Electronics

AMD may ship Zen 4 powered EPYC Genoa ‘7004’ CPUs with more than 64 cores, reveals roadmap

AMD’s latest embedded roadmap reveals the number of cores that we can expect based on Zen 4 EPYC Genoa ‘7004’ and EPYC Embedded ‘3004’ series processors. The roadmap was leaked confirms that Zen 4 is expected to be launched in 2022.

According to the leak, AMD’s Zen 4 processor, or at least the EPYC CPU powered by Zen 4, will be launched in 2022. Based on the positioning on the roadmap, it seems that we hope to make a difficult launch around the middle of 2022.

In the first quarter of 2023, Genoa ‘7004’ CPU will be obtained first, followed by EPYC embedded ‘3004’ CPU. As for the expected details of these CPUs, they are listed below.

Speaking of the AMD EPYC Genoa CPU itself, these chips will package 96 cores and 192 threads. These will be based on AMD’s new Zen 4 core architecture, which is expected to achieve an amazing increase in IPC while using the TSMC 5nm process node.

Join us on Telegram

Recently, there are rumors that because we will soon obtain other key technologies, AMD EPYC Genoa CPU is expected to provide up to 29% IPC improvement over Milan CPU, and an overall increase of 40%.

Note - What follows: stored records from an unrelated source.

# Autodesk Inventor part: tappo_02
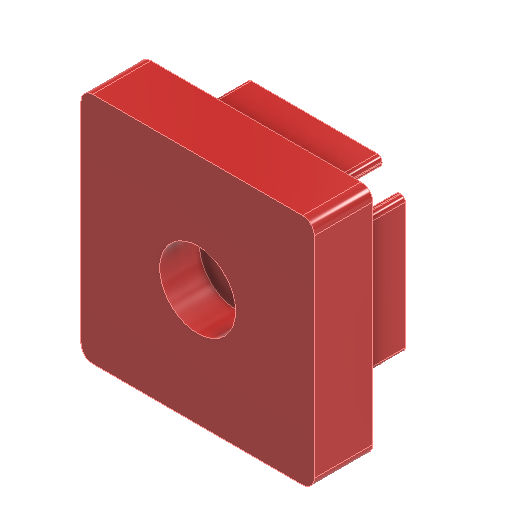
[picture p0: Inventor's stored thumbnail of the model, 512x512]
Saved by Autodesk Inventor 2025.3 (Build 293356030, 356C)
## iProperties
Created: 2026-02
Part Number: tappo_02
Material: Generico
Document SubType Name: Modeling
Designer: R5800u
Density: 1 g/cm^3
Appearance: Rosso arancio
Author: R5800u
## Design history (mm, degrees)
sketch "Schizzo1"
  geometry: L1 (10, 10)-(-10, 10); L2 (-10, 10)-(-10, -10); L3 (-10, -10)-(10, -10); L4 (10, -10)-(10, 10); L5 (10, 10)-(-10, -10); L6 (-10, 10)-(10, -10); L7 (6, -8)-(3, -8) reference; L8 (6, -7.061)-(6, -8) reference; L9 (2.939, -4)-(6, -7.061) reference; L10 (0, 0)-(0, -10); L11 (2.939, -4)-(0, -4); L12 (3, -8)-(0, -8); L13 (0, -7.8)-(3, -7.8); L14 (3, -7.8)-(5.8, -7.8); L15 (5.8, -7.8)-(5.8, -7.144); L16 (5.8, -7.144)-(2.856, -4.2); L17 (2.856, -4.2)-(0, -4.2); L18 (0, -7.8)-(-3, -7.8); L19 (-3, -7.8)-(-5.8, -7.8); L20 (-5.8, -7.8)-(-5.8, -7.144); L21 (-5.8, -7.144)-(-2.856, -4.2); L22 (-2.856, -4.2)-(0, -4.2)
  constraints: 38 end point, 4 symmetric about line, 3 midpoint, 3 perpendicular, 2 parallel, 2 point on line, 1 horizontal, 4 other
  dimensions: "d0" = 20 distance of L3.end L2.end; "d1" = 20 distance of L2.end L1.end; "d2" = 0.2 distance between parallel lines of L12 L13
  node "Riferimento1"
  node "Riferimento2"
  node "Riferimento3"
extrude "Estrusione1" new body sketch "Schizzo1" distance "d3" = 5; taper "d4" = 0 deg
extrude "Estrusione2" new body sketch "Schizzo1" distance "d5" = 1.9; taper "d6" = 0 deg; dims "d11" = 5, "d12" = 0
pattern_circular "Serie circolare1" dims angle "d8" = 360 deg
fillet "Raccordo2" dims "d13" = 0.4
fillet "Raccordo1" dims "d10" = 1
sketch "Schizzo2"
  geometry: 1 further point
hole "Foro1" sketch "Schizzo2" at (0, 0) diameter "d14" = 3.2; stored, may be unused: countersink angle "d18" = 90 deg, drill point angle "d20" = 118 deg; dims "d15" = 6, "d16" = 6.5, "d17" = 3.4, "d19" = 8
node "Solido1"
node "Solido2"
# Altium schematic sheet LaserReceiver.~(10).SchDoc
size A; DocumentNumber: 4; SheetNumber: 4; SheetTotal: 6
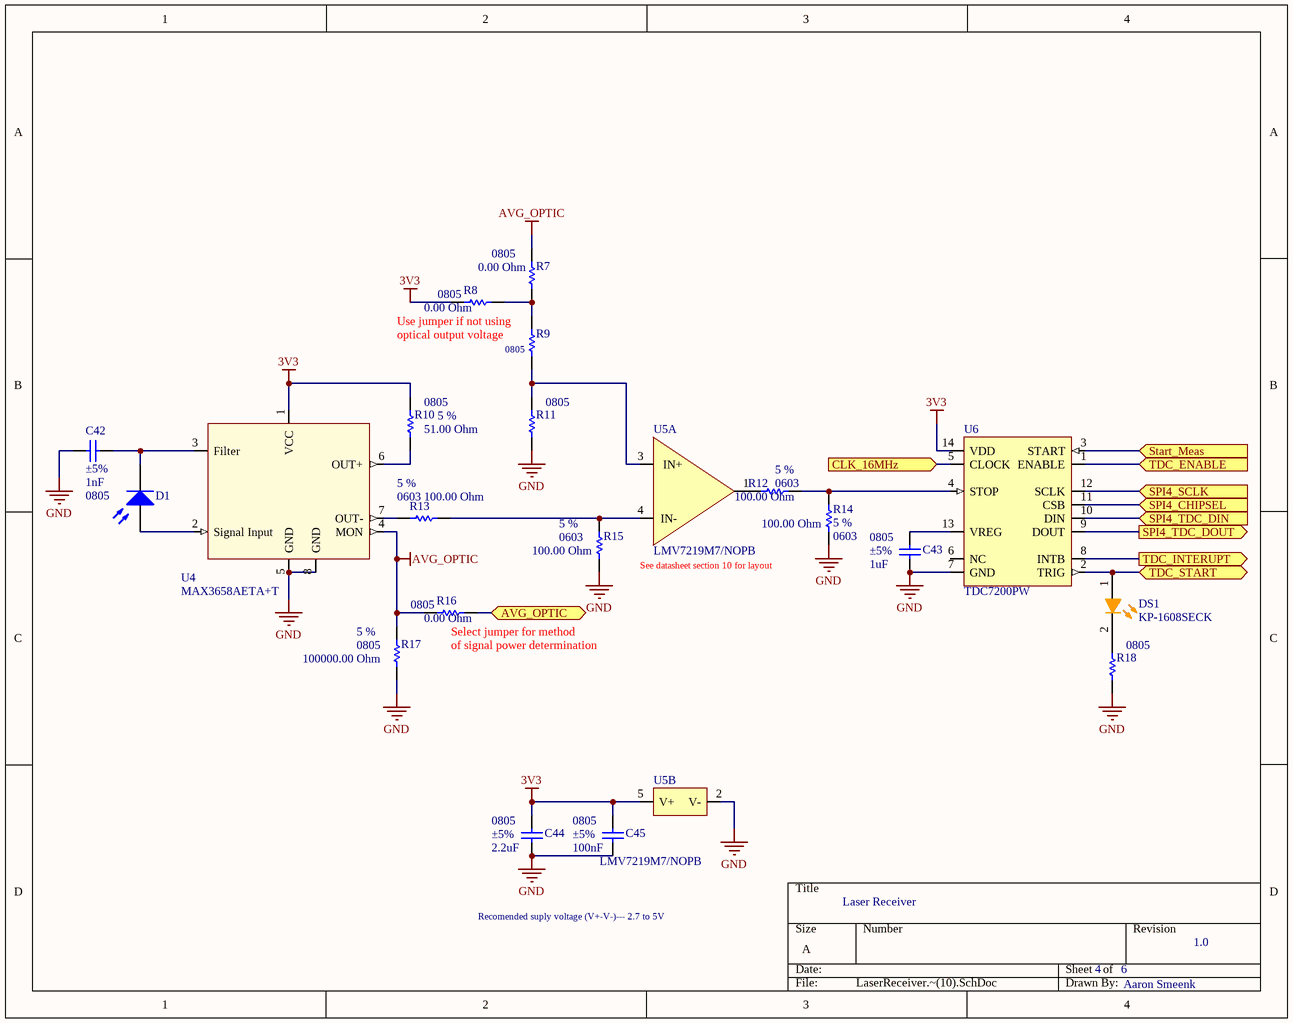
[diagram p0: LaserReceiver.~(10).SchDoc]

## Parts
C42  value 1nF  Tolerance: ±5%  Case-EIA: 0805  [CAPC0805(2012)100_M]  (hidden comment: CAP 1nF 6.3V 0805(2012))
C43  value 1uF  Tolerance: ±5%  Case-EIA: 0805  [CAPC0805(2012)100_M]  (hidden comment: CAP 1uF 6.3V 0805(2012))
C44  value 2.2uF  Tolerance: ±5%  Case-EIA: 0805  [CAPC0805(2012)100_M]  (hidden comment: CAP 2.2uF 6.3V 0805(2012))
C45  value 100nF  Tolerance: ±5%  Case-EIA: 0805  [CAPC0805(2012)100_M]  (hidden comment: CAP 100nF 6.3V 0805(2012))
D1  Photo Sen  [PIN2]  (value not drawn)
DS1  KP-1608SECK  [KING-0603LED_ORANGE_V]
R7  value 0.00 Ohm  Case-EIA: 0805  [RESC0805(2012)_N]  (hidden comment: Jumper 0805(2012))
R8  value 0.00 Ohm  Case-EIA: 0805  [RESC0805(2012)_N]  (hidden comment: Jumper 0805(2012))
R9  Case-EIA: 0805  [RESC0805(2012)_N]  (hidden comment: 51R 5% 0805(2012))
R10  value 51.00 Ohm  Tolerance: 5 %  Case-EIA: 0805  [RESC0805(2012)_N]  (hidden comment: 51R 5% 0805(2012))
R11  Case-EIA: 0805  [RESC0805(2012)_N]  (hidden comment: 51R 5% 0805(2012))
R12  value 100.00 Ohm  Tolerance: 5 %  Case-EIA: 0603  [RESC0603(1608)_L]  (hidden comment: 100R 5% 0603(1608))
R13  value 100.00 Ohm  Tolerance: 5 %  Case-EIA: 0603  [RESC0603(1608)_L]  (hidden comment: 100R 5% 0603(1608))
R14  value 100.00 Ohm  Tolerance: 5 %  Case-EIA: 0603  [RESC0603(1608)_L]  (hidden comment: 100R 5% 0603(1608))
R15  value 100.00 Ohm  Tolerance: 5 %  Case-EIA: 0603  [RESC0603(1608)_L]  (hidden comment: 100R 5% 0603(1608))
R16  value 0.00 Ohm  Case-EIA: 0805  [RESC0805(2012)_N]  (hidden comment: Jumper 0805(2012))
R17  value 100000.00 Ohm  Tolerance: 5 %  Case-EIA: 0805  [RESC0805(2012)_L]  (hidden comment: 100K 5% 0805(2012))
R18  Case-EIA: 0805  [RESC0805(2012)_N]  (hidden comment: 51R 5% 0805(2012))
U4  MAX3658AETA+T  [MAX3658AETA+T--QFN0P300X300X80_HS-9N]
U5  LMV7219M7/NOPB  (parts A,B of 2)
U6  TDC7200PW  [TDC7200PW--TSOP65P640X120-14N]

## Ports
AVG_OPTIC, CLK_16MHz (in), SPI4_CHIPSEL (in), SPI4_SCLK (in), SPI4_TDC_DIN (in), SPI4_TDC_DOUT (out), Start_Meas (in), TDC_ENABLE (in), TDC_INTERUPT (out), TDC_START

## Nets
3V3: C44.2 C45.2 R8.1 R10.2 U4.1(VCC) U5.5(V+) U6.14(VDD)
AVG_OPTIC: R7.2 R16.1 R17.2 U4.4(MON)
GND: C42.1 C43.1 C44.1 C45.1 R11.1 R14.2 R15.1 R17.1 R18.1 U4.5(GND) U4.8(GND) U4.9(PAD) U5.2(V-) U6.7(GND)
AVG_OPTIC: R16.2 ; port AVG_OPTIC  [a separate net that carries the same name]
CLK_16MHz: U6.5(CLOCK) ; port CLK_16MHz
SPI4_CHIPSEL: U6.11(CSB) ; port SPI4_CHIPSEL
SPI4_SCLK: U6.12(SCLK) ; port SPI4_SCLK
SPI4_TDC_DIN: U6.10(DIN) ; port SPI4_TDC_DIN
SPI4_TDC_DOUT: U6.9(DOUT) ; port SPI4_TDC_DOUT
Start_Meas: U6.3(START) ; port Start_Meas
TDC_ENABLE: U6.1(ENABLE) ; port TDC_ENABLE
TDC_INTERUPT: U6.8(INTB) ; port TDC_INTERUPT
TDC_START: DS1.1(A) U6.2(TRIG) ; port TDC_START
NetC42_2: C42.2 D1.2(K) U4.3(Filter)
NetC43_2: C43.2 U6.13(VREG)
NetD1_1: D1.1(A) U4.2(Signal_Input)
NetDS1_2: DS1.2(K) R18.2
NetR7_1: R7.1 R8.2 R9.2
NetR9_1: R9.1 R11.2 U5.3(IN+)
NetR10_1: R10.1 U4.6(OUT+)
NetR12_1: R12.1 R14.1 U6.4(STOP)
NetR12_2: R12.2 U5.1(OUT)
NetR13_1: R13.1 U4.7(OUT-)
NetR13_2: R13.2 R15.2 U5.4(IN-)

Not connected (* = marked no-connect by the designer): U6 6(NC)

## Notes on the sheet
- (near R9) Use jumper if not using
- (near R9) optical output voltage
- See datasheet section 10 for layout
- (near R16) Select jumper for method
- (near R16) of signal power determination
- Laser Receiver
- Recomended suply voltage (V+-V-)--- 2.7 to 5V
- 4
- 6
- 1.0
- Aaron Smeenk

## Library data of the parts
C42 = CMP-1036-02947-1: CAP 1nF 6.3V ±5% 0805 (2012 Metric) Thickness 1mm SMD; Case-Metric: 2012
C43 = CMP-1036-02947-1: CAP 1uF 6.3V ±5% 0805 (2012 Metric) Thickness 1mm SMD; Case-Metric: 2012
C44 = CMP-1036-02947-1: CAP 2.2unF 6.3V ±5% 0805 (2012 Metric) Thickness 1mm SMD; Case-Metric: 2012
C45 = CMP-1036-02947-1: CAP 100nF 6.3V ±5% 0805 (2012 Metric) Thickness 1mm SMD; Case-Metric: 2012
D1 = Photo Sen: Photosensitive Diode
DS1 = CMP-0404-00002-1: LED, SMT, 0603(1608), 1.1mm thickness, Orange; Manufacturer: Kingbright; Power Dissipation: 75 mW; Packing Type: 2000 pcs / reel; Reverse Voltage: 5 V; Forward Current: 30 mA
R7 R8 R16 = CMP-1013-00001-1: Jumper 0805 (2012 Metric); Tolerance: None; Case-Metric: 2012
R9 R11 R18 = CMP-1013-00043-1: 51R 0.125W 5% 0805 (2012 Metric)  SMD; Value: 51.00 Ohm; Case-Metric: 2012
R10 = CMP-1013-00043-1: 51R 0.125W 5% 0805 (2012 Metric)  SMD; Case-Metric: 2012
R12-R15 = CMP-1012-00050-1: 100R 0.1W 5% 0603 (1608 Metric)  SMD; Case-Metric: 1608
R17 = CMP-1013-00122-1: 100K 0.125W 5% 0805 (2012 Metric)  SMD; Case-Metric: 2012
U4 = MAX3658AETA+T: IC AMP TRANSIMPEDANCE 8-TDFN
U5 = LMV7219M7/NOPB: IC COMPARATOR SC-70-5
U6 = TDC7200PW: STATIC ULTRASONIC FLOWMETER AF

In order to get 96 cores, AMD must add more cores to its EPYC Genoa CPU package. AMD is said to achieve this goal by integrating as many as 12 CCDs in its Genoa chip. Each CCD will have 8 cores based on the Zen 4 architecture. This coincides with the increased socket size, and we may be considering using a large CPU interposer, even larger than the existing EPYC CPU. It is said that the TDP range of this CPU is between 120W-320W, and the highest configurable is 400W.

The CPU will be compatible with the LGA 6096 socket, which will be the largest socket when the LGA 6096 is launched. In addition to this, AMD’s EPYC Genoa CPU is said to have 128 PCIe Gen 5.0 channels, 160 of which will be used in a 2P (dual socket) configuration.

The SP5 platform will also have DDR5-5200 memory support, which is a crazy improvement on the existing DDR4-3200 MHz DIMM. But that’s not all. It will also support up to 12 DDR5 memory channels and 2 DIMMs per channel, using a 128 GB module to support up to 3 TB of system memory.